Based on daviwil’s dotfiles

Table of Contents

Why Guix

NOTE: this is just a brief overview of the methods available to you for customizing precisely how an environment is loaded for an application run under guix. You CANNOT replicate this functionality in debian, arch or flatpak … not without being an expert.

Debian
you will make fairly heavy use of their package mgmt toolchain.
  • You will likely need a custom package repository.
  • You will need tooling to auto-upgrade the builds of your custom packages.
Arch
you will need to … ditto.
  • You will also need aurutils and, again, a custom package repo.
  • You will again need to automate upgraded packages
  • Running multiple pacman databases is complicated and it is difficult to make packages install to the correct endpoints, while ensuring shared library objects are available (of the proper version, etc)
  • It will break when you don’t upgrade things or when you reinstall.
Guix
you will also need to do similar things: you must run at least one channel (i.e. package repo on your local file system) and you will heavily interface with the package management tools.
  • if I said Guix too much easier than the above, i’d be lying. nothing is simpler than the domain. the difference with Guix is that, if you want a build farm, it’s about as easy as it could possibly be.
  • with the alternative package managers above, good luck getting things like having consistent man pages or avoiding things like Gnome/GTK dependency issues.
  • additionally, working with Scheme is a requirement. it’s hard. if you don’t want want to use Scheme (or learn 2+ lisps), then you can use Nix. That is completely reasonable.

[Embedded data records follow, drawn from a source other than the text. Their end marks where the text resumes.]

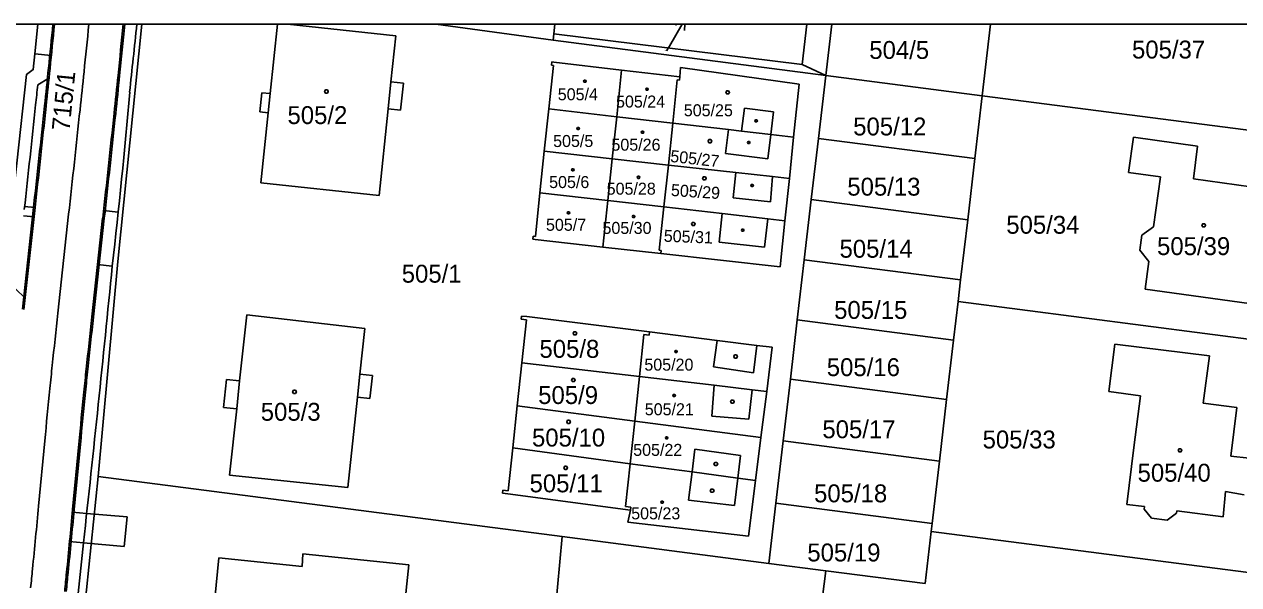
# Model space of a CAD drawing. Extents: x -639590 to -639298, y -1193269 to -1192863.
# Drawn here: x -639511.2 to -639395.8, y -1192916.5 to -1192863.3 of the extents above; entities that cross this region are included whole.
import ezdxf

# ---------------------------------------------------------------- set-up
doc = ezdxf.new("R2010")
doc.units = 0
for name, color, linetype in [('Vrstva 1', 7, 'Continuous'), ('Vrstva 19', 7, 'Continuous'), ('Vrstva 2', 7, 'Continuous'), ('Vrstva 20', 7, 'Continuous'), ('Vrstva 22', 7, 'Continuous'), ('Vrstva 4', 7, 'Continuous'), ('Vrstva 5', 7, 'Continuous'), ('Vrstva 61', 7, 'Continuous'), ('Vrstva 7', 7, 'Continuous')]:
    doc.layers.add(name, color=color, linetype=linetype)

msp = doc.modelspace()

# ---------------------------------------------------------------- linework, layer by layer
at = {"layer": 'Vrstva 1'}
for p, q in [((-639500.02, -1192863.27), (-639502.3, -1192885.82)), ((-639487.11, -1192863.27), (-639487.81, -1192869.85)), ((-639475.88, -1192864.37), (-639486.16, -1192863.27)), ((-639460.93, -1192864.78), (-639472.08, -1192863.27)), ((-639460.84, -1192864.19), (-639460.93, -1192864.78)), ((-639460.75, -1192863.27), (-639460.84, -1192864.19)), ((-639437.25, -1192867.1), (-639460.84, -1192864.19)), ((-639436.82, -1192863.27), (-639437.25, -1192867.1)), ((-639435.01, -1192868.14), (-639434.44, -1192863.27)), ((-639420.13, -1192870.07), (-639419.34, -1192863.27)), ((-639476.34, -1192868.73), (-639475.88, -1192864.37)), ((-639460.93, -1192864.78), (-639435.01, -1192868.14)), ((-639461.33, -1192871.31), (-639460.89, -1192867.17)), ((-639461.09, -1192867.15), (-639461.06, -1192866.85)), ((-639461.09, -1192867.15), (-639460.89, -1192867.17)), ((-639460.86, -1192866.87), (-639461.06, -1192866.85)), ((-639454.41, -1192867.62), (-639460.86, -1192866.87)), ((-639454.41, -1192867.62), (-639454.88, -1192872.05)), ((-639448.89, -1192868.27), (-639454.41, -1192867.62)), ((-639448.83, -1192867.36), (-639448.89, -1192868.27)), ((-639437.53, -1192868.96), (-639448.83, -1192867.36)), ((-639437.25, -1192867.1), (-639435.01, -1192868.14)), ((-639475.15, -1192868.85), (-639476.34, -1192868.73)), ((-639475.42, -1192871.43), (-639475.15, -1192868.85)), ((-639449.55, -1192872.67), (-639449.12, -1192868.55)), ((-639448.92, -1192868.57), (-639449.12, -1192868.55)), ((-639448.92, -1192868.57), (-639448.89, -1192868.27)), ((-639435.71, -1192874.11), (-639435.01, -1192868.14)), ((-639435.01, -1192868.14), (-639420.13, -1192870.07)), ((-639488.6, -1192869.77), (-639488.79, -1192871.6)), ((-639487.81, -1192869.85), (-639488.6, -1192869.77)), ((-639438.06, -1192873.99), (-639437.53, -1192868.96)), ((-639420.13, -1192870.07), (-639420.83, -1192876.03)), ((-639420.13, -1192870.07), (-639385.35, -1192874.56)), ((-639488.79, -1192871.6), (-639488, -1192871.69)), ((-639488, -1192871.69), (-639488.7, -1192878.32)), ((-639477.47, -1192879.53), (-639476.61, -1192871.31)), ((-639476.61, -1192871.31), (-639475.42, -1192871.43)), ((-639461.76, -1192875.34), (-639461.33, -1192871.31)), ((-639461.33, -1192871.31), (-639454.88, -1192872.05)), ((-639454.88, -1192872.05), (-639455.31, -1192876.05)), ((-639454.88, -1192872.05), (-639449.55, -1192872.67)), ((-639449.55, -1192872.67), (-639449.96, -1192876.65)), ((-639449.55, -1192872.67), (-639444.26, -1192873.28)), ((-639444.26, -1192873.28), (-639443.02, -1192873.42)), ((-639443.02, -1192873.42), (-639440.23, -1192873.74)), ((-639440.23, -1192873.74), (-639438.06, -1192873.99)), ((-639438.47, -1192877.92), (-639438.06, -1192873.99)), ((-639436.38, -1192879.92), (-639435.71, -1192874.11)), ((-639435.71, -1192874.11), (-639420.83, -1192876.03)), ((-639405.77, -1192873.99), (-639406.23, -1192877.35)), ((-639399.68, -1192874.84), (-639405.77, -1192873.99)), ((-639462.17, -1192879.28), (-639461.76, -1192875.34)), ((-639455.31, -1192876.05), (-639461.76, -1192875.34)), ((-639400.07, -1192877.95), (-639399.68, -1192874.84)), ((-639455.31, -1192876.05), (-639455.73, -1192880.02)), ((-639449.96, -1192876.65), (-639455.31, -1192876.05)), ((-639449.96, -1192876.65), (-639450.4, -1192880.62)), ((-639443.55, -1192877.36), (-639449.96, -1192876.65)), ((-639420.83, -1192876.03), (-639421.51, -1192881.84)), ((-639440.06, -1192877.74), (-639443.55, -1192877.36)), ((-639438.47, -1192877.92), (-639440.06, -1192877.74)), ((-639438.89, -1192881.94), (-639438.47, -1192877.92)), ((-639406.23, -1192877.35), (-639403.2, -1192877.77)), ((-639403.2, -1192877.77), (-639403.85, -1192882.5)), ((-639393.25, -1192878.92), (-639400.07, -1192877.95)), ((-639488.7, -1192878.32), (-639477.47, -1192879.53)), ((-639462.61, -1192883.42), (-639462.17, -1192879.28)), ((-639462.17, -1192879.28), (-639455.73, -1192880.02)), ((-639455.73, -1192880.02), (-639456.21, -1192884.44)), ((-639455.73, -1192880.02), (-639450.4, -1192880.62)), ((-639437.05, -1192885.64), (-639436.38, -1192879.92)), ((-639436.38, -1192879.92), (-639421.51, -1192881.84)), ((-639450.4, -1192880.62), (-639450.84, -1192884.74)), ((-639450.4, -1192880.62), (-639444.87, -1192881.26)), ((-639444.87, -1192881.26), (-639440.52, -1192881.75)), ((-639440.52, -1192881.75), (-639438.89, -1192881.94)), ((-639439.35, -1192886.33), (-639438.89, -1192881.94)), ((-639421.51, -1192881.84), (-639422.19, -1192887.56)), ((-639403.85, -1192882.5), (-639404.96, -1192883.3)), ((-639462.84, -1192883.7), (-639462.81, -1192883.4)), ((-639462.84, -1192883.7), (-639462.64, -1192883.72)), ((-639462.81, -1192883.4), (-639462.61, -1192883.42)), ((-639456.21, -1192884.44), (-639462.64, -1192883.72)), ((-639404.96, -1192883.3), (-639405.16, -1192884.72)), ((-639450.67, -1192885.06), (-639456.21, -1192884.44)), ((-639450.64, -1192884.76), (-639450.84, -1192884.74)), ((-639450.67, -1192885.06), (-639450.64, -1192884.76)), ((-639405.16, -1192884.72), (-639404.3, -1192885.8)), ((-639502.3, -1192885.82), (-639504.16, -1192906.23)), ((-639439.35, -1192886.33), (-639450.67, -1192885.06)), ((-639437.72, -1192891.36), (-639437.05, -1192885.64)), ((-639437.05, -1192885.64), (-639422.19, -1192887.56)), ((-639404.3, -1192885.8), (-639404.66, -1192888.45)), ((-639422.19, -1192887.56), (-639422.43, -1192889.62)), ((-639404.66, -1192888.45), (-639394.77, -1192889.8)), ((-639422.43, -1192889.62), (-639422.86, -1192893.28)), ((-639422.43, -1192889.62), (-639388.91, -1192893.95)), ((-639490.05, -1192890.89), (-639490.72, -1192897.15)), ((-639478.82, -1192892.16), (-639490.05, -1192890.89)), ((-639463.92, -1192891), (-639463.95, -1192891.3)), ((-639463.95, -1192891.3), (-639463.45, -1192891.35)), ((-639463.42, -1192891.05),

If anything like the above sounds unfamiliar, you’re probably not using linux. Additionally, your system is probably not robust to failure. If the big bad wolf comes along and blows your shit over, GLHF. If you have a job where you use linux and your system goes down in such a way, you may get fired. You must automate.

Backups Vs Declarative Config

In analogy to dialectical terms, Backups are like Marxist Dialectical and Declarative Config is like Hegelian Dialectical. You want both.

  • Yes, you can have backups.
    • This helps with problems you expect to have.
    • Marxist dialectical because: this was the system state.
  • But the technical debt you’ll incur when having a polluted environment is something that backups cannot protect you from. If your environment is polluted, you’re probably on stack overflow right now.
    • These are the problems you don’t know you’re going to encounter.
    • Hegelian dialectical because: ideally, this will be the system state, but is yet to be proven.

Precise control over a process’s environment with minimal effort: this is what makes guix shine. It might seem like more work at first, but you should know about all these interfaces anyways.

/etc/strange

Another advantage of Guix System’s bloat-free Guix profiles, Shepherd service manager and declarative /etc/strange configs:

Quite a bit of malware/metasploits will simply misfire. And persistence is just as amusing.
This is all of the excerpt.